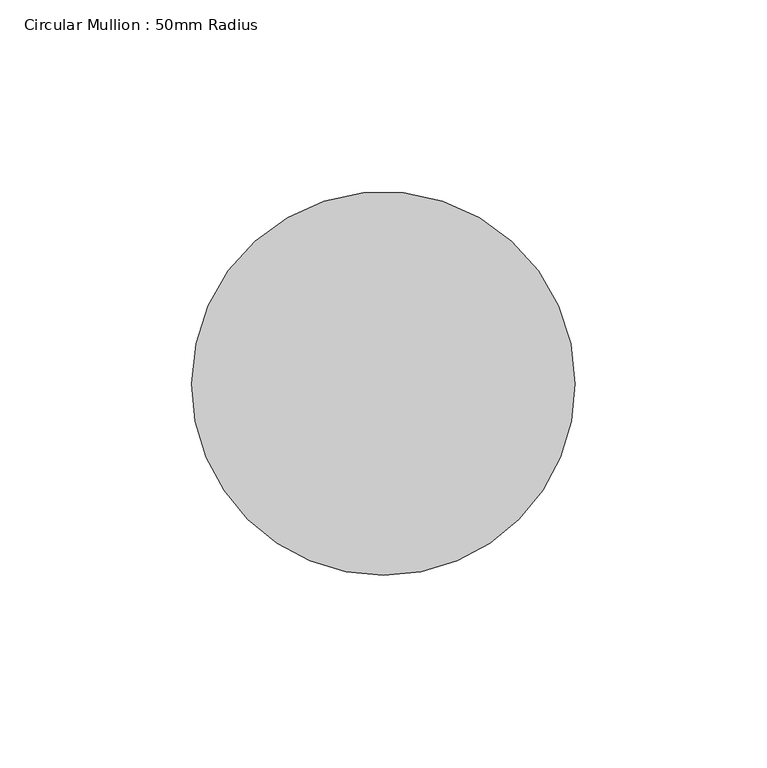
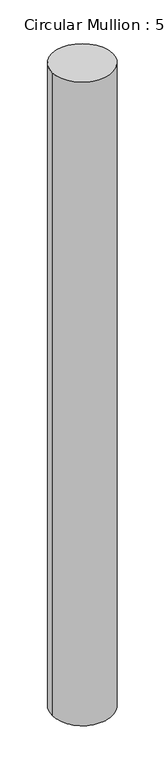
"""IFC4 building model written with IfcOpenShell, lengths in millimetres: member geometry, Circular Mullion : 50mm Radius."""

from ifc_helpers import new_model, si_unit, frame, origin, place, context, project, spatial, ellipse_curve, source, transform, mapped, element, save
from ifc_brep_helpers import plane_surface, cylinder_surface, advanced_brep


def circular_mullion_50mm_radius_b3aecd9d(model_context):
    return source(origin(), model_context, "Body", "AdvancedBrep", [
        advanced_brep(
        [(-100.0, 0.0, 1.2148663), (0.0, 0.0, 0.0), (0.0, 0.0, -1122.8231585), (-100.0, 0.0, -1124.1048355)],
        [
            (0, 1, ellipse_curve(frame((-50.0, 0.0, 0.6074332), z_axis=(-0.012145168294368793, -0.02068286419235582, -0.9997123156268017), x_axis=(-0.5062169499640441, -0.8620725686303924, 0.023985120055941472)), 50.0143884, 50.0)),
            (1, 2),
            (2, 3, ellipse_curve(frame((-50.0, 0.0, -1123.463997), z_axis=(-0.012812666617103785, -0.021819594192561603, 0.999679819183838), x_axis=(0.5062004949799549, 0.8620445462767453, 0.025303342003953042)), 50.0160142, 50.0)),
            (3, 0),
            (1, 0, ellipse_curve(frame((-50.0, 0.0, 0.6074332), z_axis=(-0.012145168294368793, -0.02068286419235582, -0.9997123156268017), x_axis=(-0.5062169499640441, -0.8620725686303924, 0.023985120055941472)), 50.0143884, 50.0)),
            (3, 2, ellipse_curve(frame((-50.0, 0.0, -1123.463997), z_axis=(-0.012812666617103785, -0.021819594192561603, 0.999679819183838), x_axis=(0.5062004949799549, 0.8620445462767453, 0.025303342003953042)), 50.0160142, 50.0)),
        ],
        [
            cylinder_surface(frame((-50.0, 0.0, 0.0), z_axis=(0.0, 0.0, 1.0), x_axis=(1.0, 0.0, 0.0)), 50.0),
            plane_surface(frame((-262.8353325, 154.3393274, 0.0), z_axis=(0.012145168294368793, 0.02068286419235582, 0.9997123156268017), x_axis=(0.5062169499640461, 0.8620725686303913, -0.02398512005594251))),
            plane_surface(frame((-262.8353325, 154.3393274, -1122.8231585), z_axis=(0.012812666617103789, 0.021819594192561607, -0.9996798191838382), x_axis=(0.506200494979955, 0.8620445462767453, 0.02530334200395501))),
        ],
        [
            (0, [[1, 2, 3, 4]]),
            (0, [[5, -4, 6, -2]]),
            (1, [[-1, -5]]),
            (2, [[-6, -3]]),
        ],
    ),
    ])


if __name__ == "__main__":
    model = new_model("IFC4")
    model_context = context("Model", 3, world=origin())
    ifc_project = project(units=[si_unit("LENGTHUNIT", "METRE", prefix="MILLI")], contexts=[model_context])
    site = spatial("IfcSite", under=ifc_project)
    building = spatial("IfcBuilding", under=site)
    placement = place(None, origin())
    circular_mullion_50mm_radius_shape = circular_mullion_50mm_radius_b3aecd9d(model_context)
    element("IfcMember", 1, ObjectType="Circular Mullion : 50mm Radius", at=placement, inside=building, context=model_context, shape_type="MappedRepresentation", body=[
        mapped(circular_mullion_50mm_radius_shape, transform((0.0, 0.0, 0.0), x_axis=(1.0, 0.0, 0.0), y_axis=(0.0, 1.0, 0.0), z_axis=(0.0, 0.0, 1.0))),
    ])
    save(model, "model.ifc")

# Revit data of these elements
# Type "Circular Mullion : 50mm Radius"
#   built-in parameter 1007350 = 0.164042 (stored number, unit not read)
# Element 1 (IfcMember, "Circular Mullion : 50mm Radius")
#   Materials on its faces: "Aluminium"
# Materials
#   "Aluminium": class "Metal", colour RGB 247 247 247, transparency 0, Description = "Aluminium 6061", Cost = 0

__TASK DETAILS__. Would you please copy the material exactly, leaving all the pictures out?

__RESPONSE FOR THIS EXERCISE__.
"""IFC4 building model written with IfcOpenShell, lengths in millimetres: member geometry, Circular Mullion : 50mm Radius."""

from ifc_helpers import new_model, si_unit, frame, origin, place, context, project, spatial, ellipse_curve, source, transform, mapped, element, save
from ifc_brep_helpers import plane_surface, cylinder_surface, advanced_brep


def circular_mullion_50mm_radius_b3aecd9d(model_context):
    return source(origin(), model_context, "Body", "AdvancedBrep", [
        advanced_brep(
        [(-100.0, 0.0, 1.2148663), (0.0, 0.0, 0.0), (0.0, 0.0, -1122.8231585), (-100.0, 0.0, -1124.1048355)],
        [
            (0, 1, ellipse_curve(frame((-50.0, 0.0, 0.6074332), z_axis=(-0.012145168294368793, -0.02068286419235582, -0.9997123156268017), x_axis=(-0.5062169499640441, -0.8620725686303924, 0.023985120055941472)), 50.0143884, 50.0)),
            (1, 2),
            (2, 3, ellipse_curve(frame((-50.0, 0.0, -1123.463997), z_axis=(-0.012812666617103785, -0.021819594192561603, 0.999679819183838), x_axis=(0.5062004949799549, 0.8620445462767453, 0.025303342003953042)), 50.0160142, 50.0)),
            (3, 0),
            (1, 0, ellipse_curve(frame((-50.0, 0.0, 0.6074332), z_axis=(-0.012145168294368793, -0.02068286419235582, -0.9997123156268017), x_axis=(-0.5062169499640441, -0.8620725686303924, 0.023985120055941472)), 50.0143884, 50.0)),
            (3, 2, ellipse_curve(frame((-50.0, 0.0, -1123.463997), z_axis=(-0.012812666617103785, -0.021819594192561603, 0.999679819183838), x_axis=(0.5062004949799549, 0.8620445462767453, 0.025303342003953042)), 50.0160142, 50.0)),
        ],
        [
            cylinder_surface(frame((-50.0, 0.0, 0.0), z_axis=(0.0, 0.0, 1.0), x_axis=(1.0, 0.0, 0.0)), 50.0),
            plane_surface(frame((-262.8353325, 154.3393274, 0.0), z_axis=(0.012145168294368793, 0.02068286419235582, 0.9997123156268017), x_axis=(0.5062169499640461, 0.8620725686303913, -0.02398512005594251))),
            plane_surface(frame((-262.8353325, 154.3393274, -1122.8231585), z_axis=(0.012812666617103789, 0.021819594192561607, -0.9996798191838382), x_axis=(0.506200494979955, 0.8620445462767453, 0.02530334200395501))),
        ],
        [
            (0, [[1, 2, 3, 4]]),
            (0, [[5, -4, 6, -2]]),
            (1, [[-1, -5]]),
            (2, [[-6, -3]]),
        ],
    ),
    ])


if __name__ == "__main__":
    model = new_model("IFC4")
    model_context = context("Model", 3, world=origin())
    ifc_project = project(units=[si_unit("LENGTHUNIT", "METRE", prefix="MILLI")], contexts=[model_context])
    site = spatial("IfcSite", under=ifc_project)
    building = spatial("IfcBuilding", under=site)
    placement = place(None, origin())
    circular_mullion_50mm_radius_shape = circular_mullion_50mm_radius_b3aecd9d(model_context)
    element("IfcMember", 1, ObjectType="Circular Mullion : 50mm Radius", at=placement, inside=building, context=model_context, shape_type="MappedRepresentation", body=[
        mapped(circular_mullion_50mm_radius_shape, transform((0.0, 0.0, 0.0), x_axis=(1.0, 0.0, 0.0), y_axis=(0.0, 1.0, 0.0), z_axis=(0.0, 0.0, 1.0))),
    ])
    save(model, "model.ifc")

# Revit data of these elements
# Type "Circular Mullion : 50mm Radius"
#   built-in parameter 1007350 = 0.164042 (stored number, unit not read)
# Element 1 (IfcMember, "Circular Mullion : 50mm Radius")
#   Materials on its faces: "Aluminium"
# Materials
#   "Aluminium": class "Metal", colour RGB 247 247 247, transparency 0, Description = "Aluminium 6061", Cost = 0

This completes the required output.